Please note that this is not the case for other Hi-C software. For example, a concordant read pair (namely, a non-contact read) is denoted ++ here, while +- in other software.

I see. This makes sense. I have another question about hickit. I would appreciate it very much if you have any suggestions.
As far as I know, some softwares don't set minimum contact distance. Sometimes It's useful and necessary when we deal with extremely high-resolution C-datasets, e.g. bulk Hi-C data. To remove the distance limit of a contact pair, two options may be important---distance between segments and distance between the two legs, I guess. Is it reasonable to set -d0 (hickit.js) and --min-leg-dist=0 (hickit)? In this case, it seems like the distance limit between duplicates should also be modified.

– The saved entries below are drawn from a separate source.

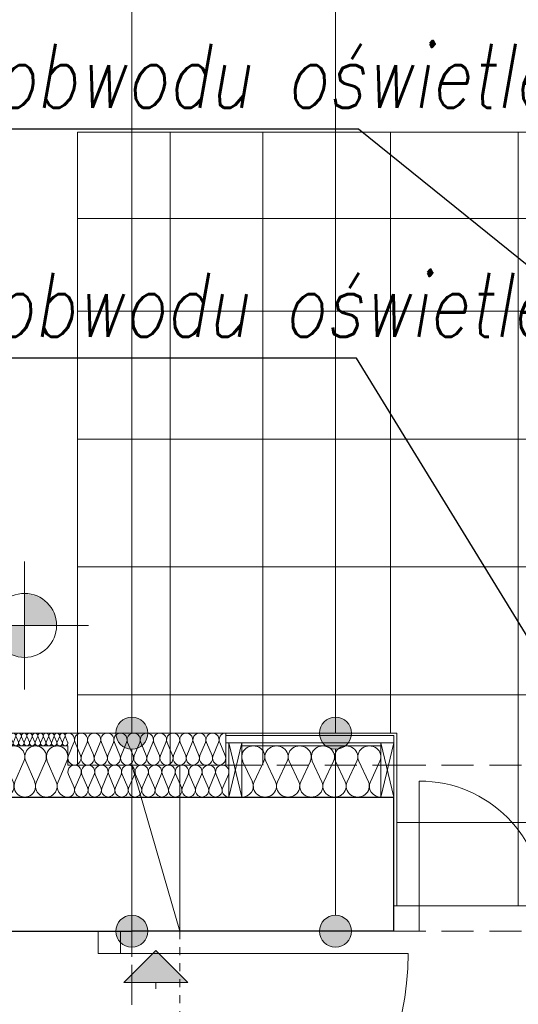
# Model space of a CAD drawing. Extents: x -558982 to 5119495, y -5290134 to 121759.
# Tile 243 of 256: x -429099 to -427538, y -7069 to -3988. Entities that reach past the tile are written whole.
import ezdxf
from ezdxf import colors
from ezdxf.entities.mleader import LeaderData, LeaderLine
from ezdxf.math import Vec2, Vec3

# ---------------------------------------------------------------- set-up
doc = ezdxf.new("R2010")
doc.units = 0
doc.header["$MEASUREMENT"] = 0
doc.linetypes.add('Hidden Line', pattern=[50, 25, -25])
doc.linetypes.add('Krawędzie ukryte', pattern=[150, 100, -50])
for name, color, linetype, lineweight in [('$ IE_OPISY', 7, 'Continuous', 25), ('Arch drzwi_Nr_Pióra__10', 252, 'Continuous', 18), ('Arch ocieplenie_Nr_Pióra__44', 252, 'Continuous', 13), ('Arch ocieplenie_Nr_Pióra__9', 252, 'Continuous', 13), ('Arch opisy_Nr_Pióra__21', 252, 'Continuous', 9), ('Arch wykończenie_Nr_Pióra__3', 252, 'Continuous', 18), ('Arch wykończenie_Nr_Pióra__81', 252, 'Continuous', 9), ('Arch wykończenie_Nr_Pióra__9', 252, 'Continuous', 13), ('Inwent Izolacje_Nr_Pióra__2', 252, 'Continuous', 13), ('INWENT RZĘDNE_Nr_Pióra__21', 252, 'Continuous', 9), ('INWENT. OKNA_Nr_Pióra__5', 252, 'Continuous', 13), ('INWENT.ŚCIANY_Nr_Pióra__1', 252, 'Continuous', 25), ('INWENT.ŚCIANY_Nr_Pióra__2', 252, 'Continuous', 13), ('INWENT.ŚCIANY_Nr_Pióra__21', 252, 'Continuous', 9), ('Istniejące kominy_Nr_Pióra__21', 252, 'Continuous', 9), ('Istniejące schody_Nr_Pióra__5', 252, 'Continuous', 13), ('Istniejące stropy_Nr_Pióra__5', 252, 'Continuous', 13)]:
    doc.layers.add(name, color=color, linetype=linetype, lineweight=lineweight)
for name, color, linetype in [('Arch ocieplenie', 252, 'Continuous'), ('Arch opisy', 252, 'Continuous'), ('Inwent Izolacje', 252, 'Continuous'), ('INWENT RZĘDNE', 252, 'Continuous'), ('Istniejące kominy', 252, 'Continuous')]:
    doc.layers.add(name, color=color, linetype=linetype)
doc.styles.add('GENERATED_STYLE_2', font='ARIALN.TTF')
doc.styles.add('ROMANS', font='romans.shx', dxfattribs={"width": 0.85})

# ---------------------------------------------------------------- blocks, each defined once
blk = doc.blocks.new('Izolacja cieplna 14_21', base_point=(-419904.9, 37292.6))
at = {"layer": 'Arch ocieplenie_Nr_Pióra__9', "linetype": 'Continuous'}
for p, q in [((-420977.1, 37280.7), (-420984.2, 37264.5)), ((-420968.5, 37264.5), (-420975.7, 37280.7)), ((-420960, 37280.7), (-420967.1, 37264.5)), ((-420951.4, 37264.5), (-420958.5, 37280.7)), ((-420942.8, 37280.7), (-420949.9, 37264.5)), ((-420934.2, 37264.5), (-420941.4, 37280.7)), ((-420925.7, 37280.7), (-420932.8, 37264.5)), ((-420917.1, 37264.5), (-420924.2, 37280.7)), ((-420908.5, 37280.7), (-420915.7, 37264.5)), ((-420900, 37264.5), (-420907.1, 37280.7)), ((-420891.4, 37280.7), (-420898.5, 37264.5)), ((-420882.8, 37264.5), (-420889.9, 37280.7)), ((-420874.2, 37280.7), (-420881.4, 37264.5)), ((-420865.7, 37264.5), (-420872.8, 37280.7)), ((-420857.1, 37280.7), (-420864.2, 37264.5)), ((-420848.5, 37264.5), (-420855.7, 37280.7)), ((-420840, 37280.7), (-420847.1, 37264.5)), ((-420831.4, 37264.5), (-420838.5, 37280.7)), ((-420822.8, 37280.7), (-420829.9, 37264.5)), ((-420814.2, 37264.5), (-420821.4, 37280.7)), ((-420805.7, 37280.7), (-420812.8, 37264.5)), ((-420797.1, 37264.5), (-420804.2, 37280.7)), ((-420788.5, 37280.7), (-420795.7, 37264.5)), ((-420780, 37264.5), (-420787.1, 37280.7)), ((-420771.4, 37280.7), (-420778.5, 37264.5)), ((-420762.8, 37264.5), (-420769.9, 37280.7)), ((-420754.2, 37280.7), (-420761.4, 37264.5)), ((-420745.7, 37264.5), (-420752.8, 37280.7)), ((-420737.1, 37280.7), (-420744.2, 37264.5)), ((-420728.5, 37264.5), (-420735.7, 37280.7)), ((-420720, 37280.7), (-420727.1, 37264.5)), ((-420711.4, 37264.5), (-420718.5, 37280.7)), ((-420702.8, 37280.7), (-420709.9, 37264.5)), ((-420694.2, 37264.5), (-420701.4, 37280.7)), ((-420685.7, 37280.7), (-420692.8, 37264.5)), ((-420677.1, 37264.5), (-420684.2, 37280.7)), ((-420668.5, 37280.7), (-420675.7, 37264.5)), ((-420660, 37264.5), (-420667.1, 37280.7)), ((-420651.4, 37280.7), (-420658.5, 37264.5)), ((-420642.8, 37264.5), (-420649.9, 37280.7)), ((-420634.2, 37280.7), (-420641.4, 37264.5)), ((-420625.7, 37264.5), (-420632.8, 37280.7)), ((-420617.1, 37280.7), (-420624.2, 37264.5)), ((-420608.5, 37264.5), (-420615.7, 37280.7)), ((-420600, 37280.7), (-420607.1, 37264.5)), ((-420591.4, 37264.5), (-420598.5, 37280.7)), ((-420582.8, 37280.7), (-420589.9, 37264.5)), ((-420574.2, 37264.5), (-420581.4, 37280.7)), ((-420565.7, 37280.7), (-420572.8, 37264.5)), ((-420557.1, 37264.5), (-420564.2, 37280.7)), ((-420548.5, 37280.7), (-420555.7, 37264.5)), ((-420540, 37264.5), (-420547.1, 37280.7)), ((-420531.4, 37280.7), (-420538.5, 37264.5)), ((-420522.8, 37264.5), (-420529.9, 37280.7)), ((-420514.2, 37280.7), (-420521.4, 37264.5)), ((-420505.7, 37264.5), (-420512.8, 37280.7)), ((-420497.1, 37280.7), (-420504.2, 37264.5)), ((-420488.5, 37264.5), (-420495.7, 37280.7)), ((-420480, 37280.7), (-420487.1, 37264.5)), ((-420471.4, 37264.5), (-420478.5, 37280.7)), ((-420462.8, 37280.7), (-420469.9, 37264.5)), ((-420454.2, 37264.5), (-420461.4, 37280.7)), ((-420445.7, 37280.7), (-420452.8, 37264.5)), ((-420437.1, 37264.5), (-420444.2, 37280.7)), ((-420428.5, 37280.7), (-420435.7, 37264.5)), ((-420420, 37264.5), (-420427.1, 37280.7)), ((-420411.4, 37280.7), (-420418.5, 37264.5)), ((-420402.8, 37264.5), (-420409.9, 37280.7)), ((-420394.2, 37280.7), (-420401.4, 37264.5)), ((-420385.7, 37264.5), (-420392.8, 37280.7)), ((-420377.1, 37280.7), (-420384.2, 37264.5)), ((-420368.5, 37264.5), (-420375.7, 37280.7)), ((-420360, 37280.7), (-420367.1, 37264.5)), ((-420351.4, 37264.5), (-420358.5, 37280.7)), ((-420342.8, 37280.7), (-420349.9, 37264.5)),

For single-cell studies, after doing that, we just need to remove all short-range contacts to get rid of the artifacts. Does it make sense?

First, let me clarify that hickit only removes short-distanced contacts if the segments are pointing in the same direction (namely, when they're indistinguishable from an uncut genome). Contacts with any other orientations will be kept, regardless of distance. You can check this by plotting a histogram of distances for the final contact file.

If you want to be strict for all orientations, you're right to set -d0 and --min-leg-dist=0 for your purpose.

And yes, you'll also need to set for example --dup-dist=1 for it to work. Note that regrettably, hickit doesn't have a bulk-like option for removing only exact duplicates, because setting --dup-dist=0 would skip duplicate removal entirely. To remove only exact duplicates, perhaps you can just use the uniq command.

Note that these parameters must be specified at the beginning of the hickit command, because hickit reads arguments one-by-one.